- Exercise instructions -
Only lines holding "layers" are needed; copy each of them from the data below.

- The input -
# # # # #

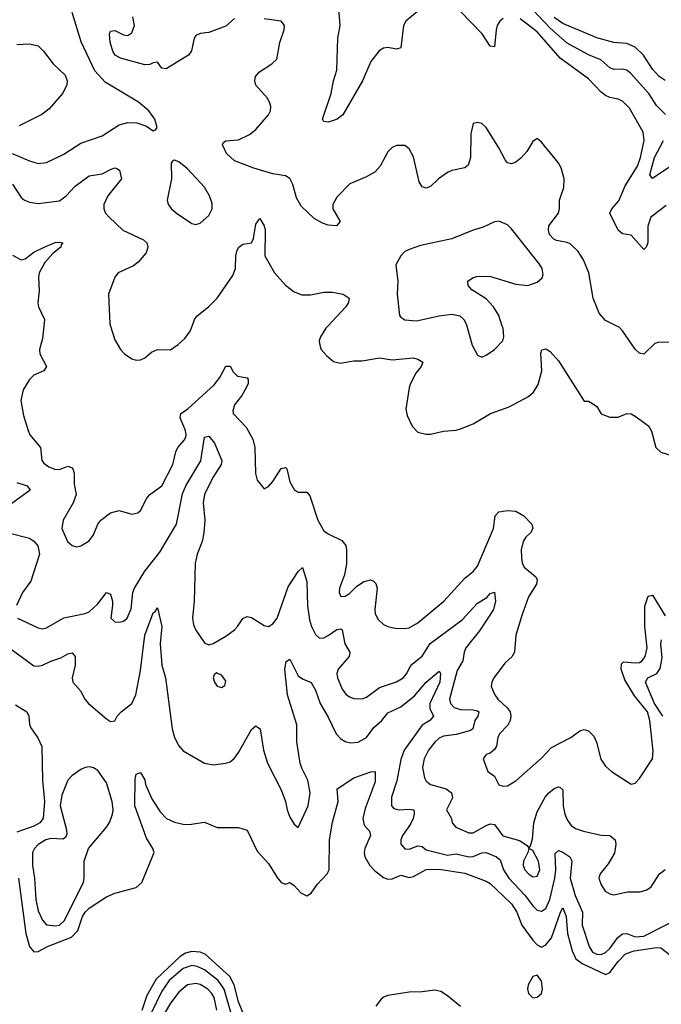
# Model space of a CAD drawing. Header units: inches. Extents: x 1694797 to 1849917, y 907313 to 1017959.
# Tile 814 of 834: x 1834224 to 1837232, y 996819 to 1001437. Entities that reach past the tile are written whole.
import ezdxf

# ---------------------------------------------------------------- set-up
doc = ezdxf.new("R2010")
doc.units = ezdxf.units.IN
doc.header["$MEASUREMENT"] = 0
doc.layers.add('B8030', color=7, linetype='Continuous')
doc.layers.add('B8939', color=7, linetype='Continuous')

msp = doc.modelspace()

# ---------------------------------------------------------------- linework, layer by layer
at = {"layer": 'B8030', "color": 5}
for points, elevation in [([(1837251.7, 1000991.7), (1837210, 1001034.2), (1837173.6, 1001090), (1837086.8, 1001186.8), (1837070, 1001199.5), (1837050, 1001205.2), (1837010, 1001204.1), (1836990.9, 1001210.9), (1836948.7, 1001248.7), (1836890, 1001272.2), (1836790, 1001326.5), (1836710, 1001396.9), (1836605.2, 1001510)], 560), ([(1834187.7, 1000810), (1834270, 1000775.3), (1834310, 1000763.1), (1834350, 1000767.4), (1834430, 1000806.5), (1834510, 1000858), (1834610, 1000892.6), (1834690, 1000944), (1834730, 1000954.6), (1834773.1, 1000953.1), (1834817.7, 1000937.7), (1834850, 1000916), (1834860.4, 1000919.6), (1834868.9, 1000931.1), (1834857, 1000970), (1834829.5, 1001010), (1834780.7, 1001050), (1834624.3, 1001144.3), (1834576.5, 1001196.5), (1834512.5, 1001332.5), (1834469.7, 1001470)], 640), ([(1836086.5, 1001473.5), (1836034, 1001430), (1836022.6, 1001410), (1836010, 1001305.6), (1835990, 1001299.3), (1835950, 1001306.4), (1835930, 1001302.7), (1835908.5, 1001291.5), (1835870, 1001241.2), (1835830.3, 1001149.7), (1835738.2, 1000990), (1835711.8, 1000970), (1835690, 1000961.8), (1835670, 1000956.4), (1835650, 1000958.7), (1835643, 1000970), (1835683.4, 1001090), (1835694.6, 1001150), (1835710, 1001200.7), (1835715, 1001350), (1835726.4, 1001410), (1835719.9, 1001490)], 580), ([(1836490, 1001442), (1836474.7, 1001430), (1836462.7, 1001410), (1836458.2, 1001390), (1836450, 1001309.5), (1836430, 1001312.8), (1836392.5, 1001370), (1836290, 1001475)], 580), ([(1835230, 1001443.1), (1835190, 1001406.6), (1835110, 1001377.4), (1835070, 1001372.3), (1835050, 1001363.5), (1835042.3, 1001350), (1835029.7, 1001290.3), (1835015.1, 1001270), (1834910, 1001206.5), (1834889.9, 1001209.9), (1834870, 1001237.2), (1834850, 1001235.1), (1834833.8, 1001226.2), (1834810, 1001226), (1834696.6, 1001256.6), (1834671.6, 1001270), (1834660.2, 1001290), (1834648.5, 1001331.5), (1834644.1, 1001370), (1834650, 1001383.8), (1834670, 1001386.3), (1834710, 1001365.2), (1834730, 1001362.7), (1834750, 1001375.3), (1834762.4, 1001410), (1834754.3, 1001450)], 620), ([(1837022.6, 1000000), (1836970, 1000025.6), (1836941.1, 1000061.1), (1836912.7, 1000130), (1836892.5, 1000250), (1836866.6, 1000310), (1836841.5, 1000350), (1836805.3, 1000385.3), (1836790, 1000392.2), (1836740.7, 1000400.7), (1836727.6, 1000407.6), (1836708.4, 1000430), (1836702.2, 1000450), (1836704.7, 1000470), (1836749.8, 1000530), (1836755.2, 1000550), (1836755, 1000590), (1836774.5, 1000650), (1836776, 1000690), (1836761.6, 1000741.6), (1836747.8, 1000767.8), (1836670, 1000862.7), (1836650, 1000879), (1836630, 1000865.2), (1836601.6, 1000818.4), (1836573.2, 1000786.8), (1836550, 1000768.5), (1836530, 1000761), (1836522.6, 1000762.6), (1836510, 1000765.7), (1836499.1, 1000779.1), (1836470, 1000836.3), (1836410, 1000931.8), (1836390, 1000949.5), (1836370, 1000954.5), (1836350.5, 1000949.5), (1836338.7, 1000901.3), (1836337, 1000790), (1836326.1, 1000753.9), (1836310, 1000741.8), (1836250.1, 1000729.9), (1836230, 1000720.6), (1836186.9, 1000690), (1836150, 1000654.7), (1836130, 1000646.2), (1836110, 1000653), (1836095.9, 1000675.9), (1836070, 1000793.2), (1836050, 1000832), (1836030, 1000847.3), (1835990, 1000846.6), (1835970, 1000837.4), (1835950, 1000817.6), (1835914.3, 1000750), (1835890, 1000723.1), (1835850, 1000699.8), (1835772.2, 1000667.8), (1835710, 1000604.4), (1835691, 1000570), (1835692.3, 1000550), (1835726.9, 1000490), (1835709.3, 1000470.7), (1835670, 1000473), (1835642.8, 1000482.8), (1835604.6, 1000504.6), (1835542.9, 1000562.9), (1835521.7, 1000601.7), (1835504, 1000664), (1835490, 1000691.9), (1835470, 1000704.4), (1835410, 1000713.4), (1835320.7, 1000740.7), (1835230, 1000775.7), (1835193.6, 1000810), (1835174.8, 1000850), (1835179.5, 1000860.5), (1835190.7, 1000869.3), (1835250, 1000873.2), (1835301.4, 1000898.6), (1835330, 1000922.3), (1835389.7, 1000990), (1835399.1, 1001010), (1835400.4, 1001030), (1835394.2, 1001050), (1835384.2, 1001070), (1835331.3, 1001130), (1835325.6, 1001150), (1835329.9, 1001170.1), (1835348.1, 1001191.9), (1835406.3, 1001230), (1835428.7, 1001251.3), (1835444, 1001330), (1835464.2, 1001390), (1835464.5, 1001410), (1835450, 1001429.3), (1835370, 1001440.4)], 620), ([(1837255, 1000565), (1837182.7, 1000510), (1837168.1, 1000468.1), (1837168.4, 1000390), (1837160.3, 1000370), (1837150, 1000359.1), (1837090, 1000426), (1837050, 1000432.9), (1837030, 1000450.5), (1836990.5, 1000530), (1836999.8, 1000550), (1837032.4, 1000587.6), (1837062.4, 1000657.6), (1837119.5, 1000750), (1837133.9, 1000790), (1837150.9, 1000870), (1837147.3, 1000910), (1837082.4, 1001022.4), (1837050, 1001054.5), (1837030, 1001063.9), (1836990, 1001072.1), (1836970, 1001081), (1836950, 1001097), (1836890, 1001159.5), (1836757, 1001257), (1836650, 1001379.9), (1836570, 1001440.5)], 580), ([(1837250, 1001152), (1837221.5, 1001170), (1837190, 1001204.8), (1837147.6, 1001270), (1837110, 1001308.1), (1837070, 1001324.9), (1837010, 1001329.3), (1836930, 1001351.3), (1836770, 1001419.7), (1836730, 1001447.4)], 540), ([(1834210, 1001321.1), (1834270, 1001323.7), (1834310, 1001314.4), (1834334.9, 1001290), (1834380.5, 1001230), (1834436.7, 1001176.7), (1834445.7, 1001150), (1834444.2, 1001130), (1834424.2, 1001090), (1834361.2, 1001018.8), (1834327.5, 1000992.5), (1834221.2, 1000938.8)], 640), ([(1837275.9, 1000750), (1837190, 1000692.4), (1837178.5, 1000710), (1837199.9, 1000790), (1837242.9, 1000870)], 560), ([(1834190, 1000666.2), (1834230, 1000603.6), (1834246.3, 1000590), (1834270, 1000581), (1834310, 1000574.8), (1834410, 1000586.9), (1834441.8, 1000610), (1834484, 1000656), (1834550, 1000704.7), (1834610, 1000713.5), (1834650, 1000734.5), (1834670, 1000742), (1834679.7, 1000739.7), (1834691.7, 1000731.7), (1834701.3, 1000690), (1834636.6, 1000610), (1834618.3, 1000570), (1834618, 1000550), (1834626.3, 1000530), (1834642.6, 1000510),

# # # # #

- Answer to this task -
doc.layers.add('B8030', color=7, linetype='Continuous')
doc.layers.add('B8939', color=7, linetype='Continuous')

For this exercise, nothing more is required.